Nothing is needed except the lines below that run from the one with "1270.0), z_axis=(0.0, 0.0, 1.0), x_axis=(1.0, 0.0, 0.0)))" through the one with "0.0, 0.0), z_axis=(0.0, 0.0, 1.0), x_axis=(1.0, 0.0, 0.0)))", repeated exactly.
The input Block Start
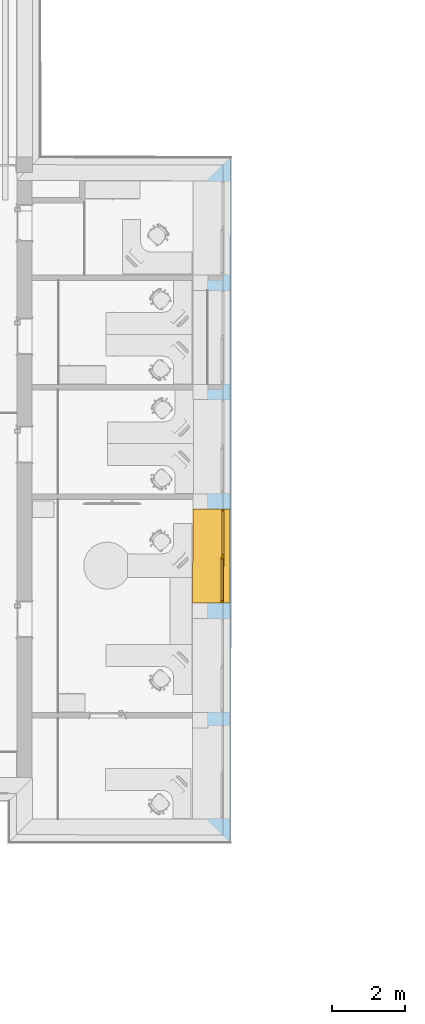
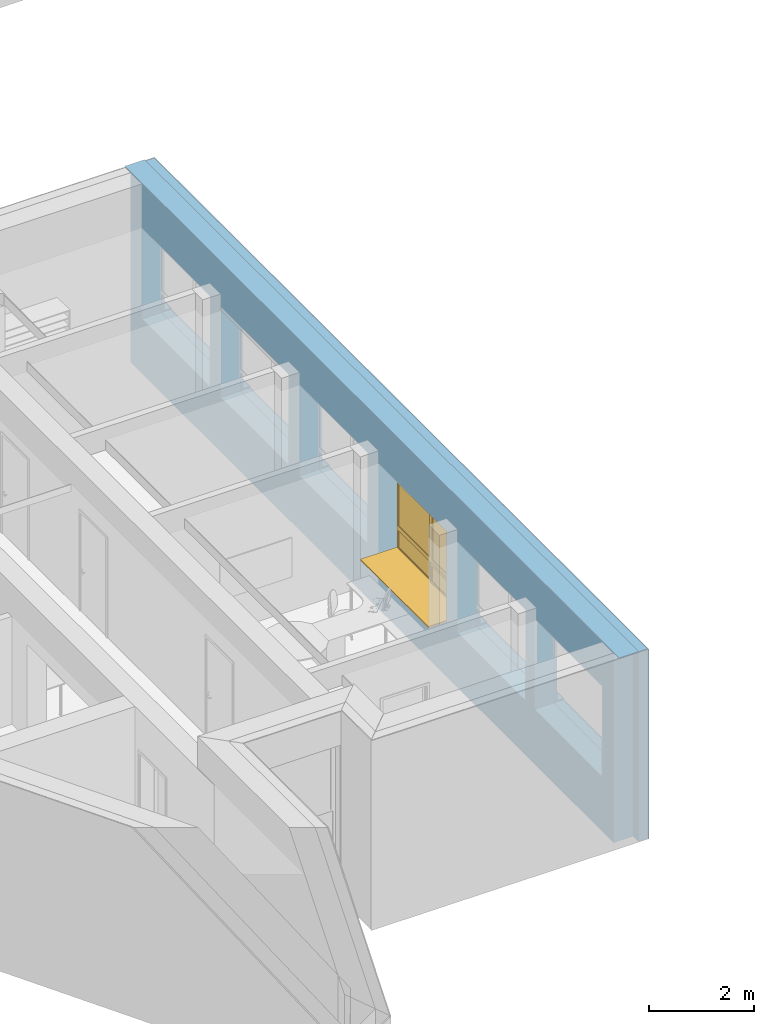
# One storey, part 78 of 194: 1 window, 6 openings, 1 element without a shape of its own, plus 3 elements that do not belong to this part.
"""IFC2X3 building model written with IfcOpenShell, lengths in millimetres."""

from ifc_helpers import new_model, entity, si_unit, converted_unit, derived_unit, money_unit, direction, frame, origin_with_axes, origin_2d_with_axis, place, context, subcontext, project, spatial, polyline, rectangle, outline, extrude, boolean, open_shell, faceted_brep, surface_model, material, type_object, element, fill, aggregate, save


model = new_model("IFC2X3")

# Units and contexts
model_context = context("Model", 3, precision=1e-05, world=origin_with_axes(), true_north=direction((0.0, 1.0)))
body_context = subcontext(model_context, "Body", "Model", "MODEL_VIEW")
ifc_project = project(units=[si_unit("LENGTHUNIT", "METRE", prefix="MILLI"), si_unit("AREAUNIT", "SQUARE_METRE"), si_unit("VOLUMEUNIT", "CUBIC_METRE"), converted_unit("PLANEANGLEUNIT", "DEGREE", entity("IfcPlaneAngleMeasure", 0.0174532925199), si_unit("PLANEANGLEUNIT", "RADIAN"), dimensions=[0, 0, 0, 0, 0, 0, 0]), si_unit("SOLIDANGLEUNIT", "STERADIAN"), money_unit("EUR"), converted_unit("TIMEUNIT", "Year", entity("IfcTimeMeasure", 31556926.0), si_unit("TIMEUNIT", "SECOND"), dimensions=[0, 0, 1, 0, 0, 0, 0]), si_unit("MASSUNIT", "GRAM", prefix="KILO"), si_unit("THERMODYNAMICTEMPERATUREUNIT", "DEGREE_CELSIUS"), si_unit("LUMINOUSINTENSITYUNIT", "LUMEN"), si_unit("ENERGYUNIT", "JOULE", prefix="MEGA"), derived_unit("THERMALCONDUCTANCEUNIT", [(si_unit("POWERUNIT", "WATT"), 1), (si_unit("LENGTHUNIT", "METRE"), -1), (si_unit("THERMODYNAMICTEMPERATUREUNIT", "KELVIN"), -1)]), derived_unit("SPECIFICHEATCAPACITYUNIT", [(si_unit("ENERGYUNIT", "JOULE"), 1), (si_unit("MASSUNIT", "GRAM", prefix="KILO"), -1), (si_unit("THERMODYNAMICTEMPERATUREUNIT", "KELVIN"), -1)]), derived_unit("MASSDENSITYUNIT", [(si_unit("MASSUNIT", "GRAM", prefix="KILO"), 1), (si_unit("VOLUMEUNIT", "CUBIC_METRE"), -1)])], contexts=[model_context])

# Site, building, storey
site_placement = place(None, origin_with_axes())
site = spatial("IfcSite", under=ifc_project, at=site_placement, Name="Site", CompositionType="ELEMENT")
building_placement = place(site_placement, origin_with_axes())
building = spatial("IfcBuilding", under=site, at=building_placement, Name="Building", CompositionType="ELEMENT")
storey_placement = place(building_placement, frame((0.0, 0.0, 3000.0), z_axis=(0.0, 0.0, 1.0), x_axis=(1.0, 0.0, 0.0)))
storey = spatial("IfcBuildingStorey", under=building, at=storey_placement, Name="2 KORRUS", CompositionType="ELEMENT", Elevation=3000.0)

# Window
window_style = type_object("IfcWindowStyle", Name="A2   2\xa0580×2\xa0100", ConstructionType="NOTDEFINED", OperationType="USERDEFINED", ParameterTakesPrecedence=False, Sizeable=False)
wall_placement = place(storey_placement, frame((45388.6906963, 4389.96789684, -420.0), z_axis=(0.0, 0.0, 1.0), x_axis=(0.000555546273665, 0.999999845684, 0.0)))
opening_2_placement = place(wall_placement, frame((7639.96095485, 0.0, 1270.0), z_axis=(0.0, 0.0, 1.0), x_axis=(1.0, 0.0, 0.0)))
window_placement = place(opening_2_placement, frame((-1290.0, 0.0, 0.0), z_axis=(0.0, 0.0, 1.0), x_axis=(1.0, 0.0, 0.0)))
window = element("IfcWindow", 1, at=window_placement, inside=storey, type_object=window_style, Name="välisaken * Double Window 22", OverallHeight=2100.0, OverallWidth=2580.0, context=body_context, shape_type="SurfaceModel", body=[
    faceted_brep([(0.0, -20.0, 30.0), (0.0, -20.0, 5.0), (0.0, -220.0, 5.0), (0.0, -220.0, 19.5184441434), (2580.0, -20.0, 30.0), (2580.0, -20.0, 5.0), (2580.0, -220.0, 5.0), (2580.0, -220.0, 19.5184441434)], [[[0, 1, 2, 3]], [[4, 5, 1, 0]], [[2, 1, 5, 6]], [[3, 2, 6, 7]], [[4, 0, 3, 7]], [[7, 6, 5, 4]]]),
    faceted_brep([(0.0, -20.0, 0.0), (0.0, -220.0, 0.0), (0.0, -220.0, 5.0), (0.0, -20.0, 5.0), (2580.0, -20.0, 0.0), (2580.0, -220.0, 0.0), (2580.0, -220.0, 5.0), (2580.0, -20.0, 5.0)], [[[0, 1, 2, 3]], [[0, 4, 5, 1]], [[1, 5, 6, 2]], [[3, 2, 6, 7]], [[4, 0, 3, 7]], [[5, 4, 7, 6]]]),
    faceted_brep([(2580.0, 29.9999999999, 0.0), (2580.0, 430.0, 0.0), (2580.0, 430.0, 30.0), (2580.0, 29.9999999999, 30.0), (0.0, 30.0000000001, 0.0), (0.0, 430.0, 0.0), (0.0, 830.0, 0.0), (2580.0, 830.0, 0.0), (2580.0, 830.0, 30.0), (0.0, 830.0, 30.0), (0.0, 430.0, 30.0), (0.0, 30.0000000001, 30.0)], [[[0, 1, 2, 3]], [[0, 4, 5, 6, 7, 1]], [[1, 7, 8, 2]], [[3, 2, 8, 9, 10, 11]], [[4, 0, 3, 11]], [[5, 4, 11, 10]], [[6, 5, 10, 9]], [[7, 6, 9, 8]]]),
    faceted_brep([(24.9999999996, 30.0, 50.0), (0.0, 30.0000000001, 50.0), (0.0, 30.0000000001, 2050.0), (50.0000000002, 30.0000000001, 2050.0), (50.0000000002, 30.0000000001, 550.0), (50.0000000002, 30.0000000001, 475.0), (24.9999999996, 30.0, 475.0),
The input Block End
## Exercise result
opening_2_placement = place(wall_placement, frame((7639.96095485, 0.0, 1270.0), z_axis=(0.0, 0.0, 1.0), x_axis=(1.0, 0.0, 0.0)))
window_placement = place(opening_2_placement, frame((-1290.0, 0.0, 0.0), z_axis=(0.0, 0.0, 1.0), x_axis=(1.0, 0.0, 0.0)))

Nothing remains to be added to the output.